**Exercise directions**
Copy every record exactly, leaving the pictures out.

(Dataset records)
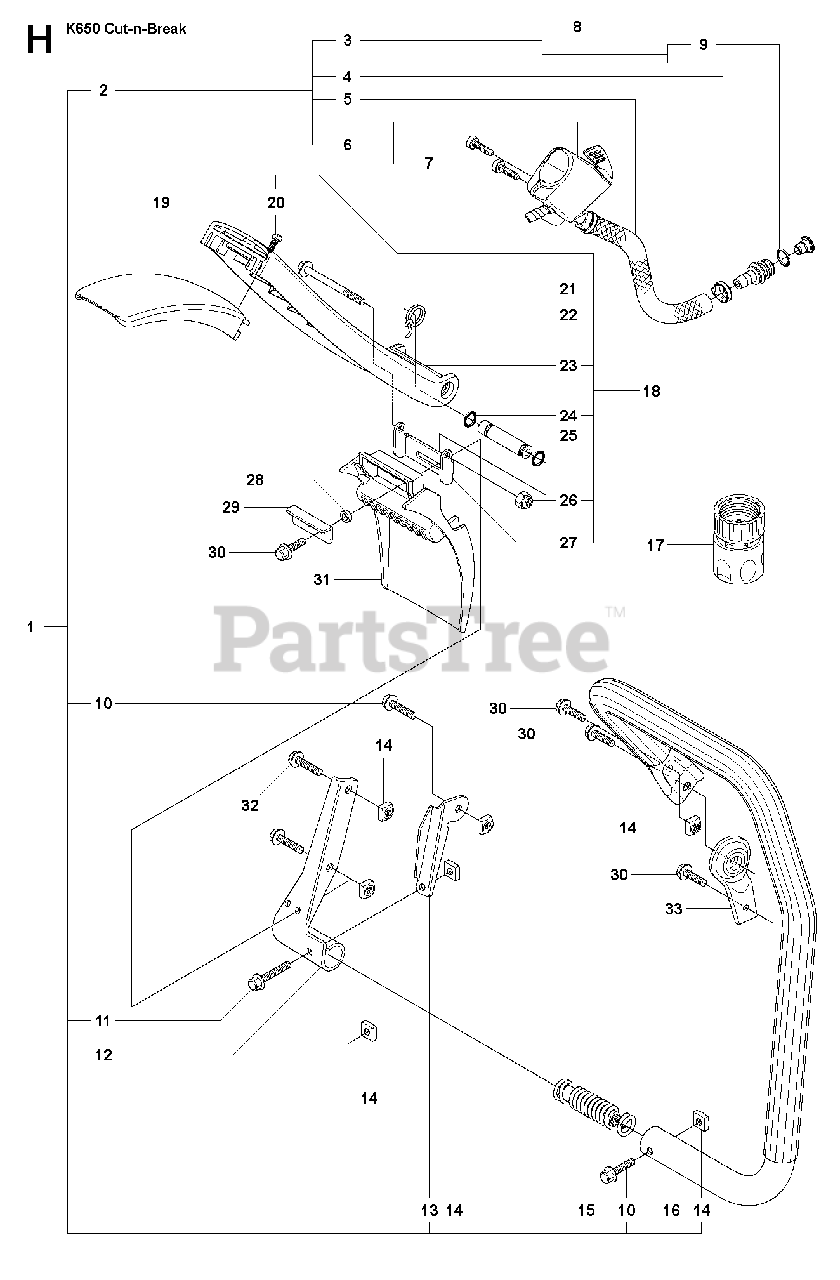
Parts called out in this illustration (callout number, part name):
1	HANDLEIncl. 2, 10 - 16
4	HOSE CLAMP
5	HOSEL=280mm
9	O-RING
10	SCREW EHHFM
17	COUPLER
18	SPRAY GUARDIncl. 19 - 27
20	SCREW CRPANT
33	ANTIVIBRATION ELEMENT

**Result below**
Parts called out in this illustration (callout number, part name):
1	HANDLEIncl. 2, 10 - 16
4	HOSE CLAMP
5	HOSEL=280mm
9	O-RING
10	SCREW EHHFM
17	COUPLER
18	SPRAY GUARDIncl. 19 - 27
20	SCREW CRPANT
33	ANTIVIBRATION ELEMENT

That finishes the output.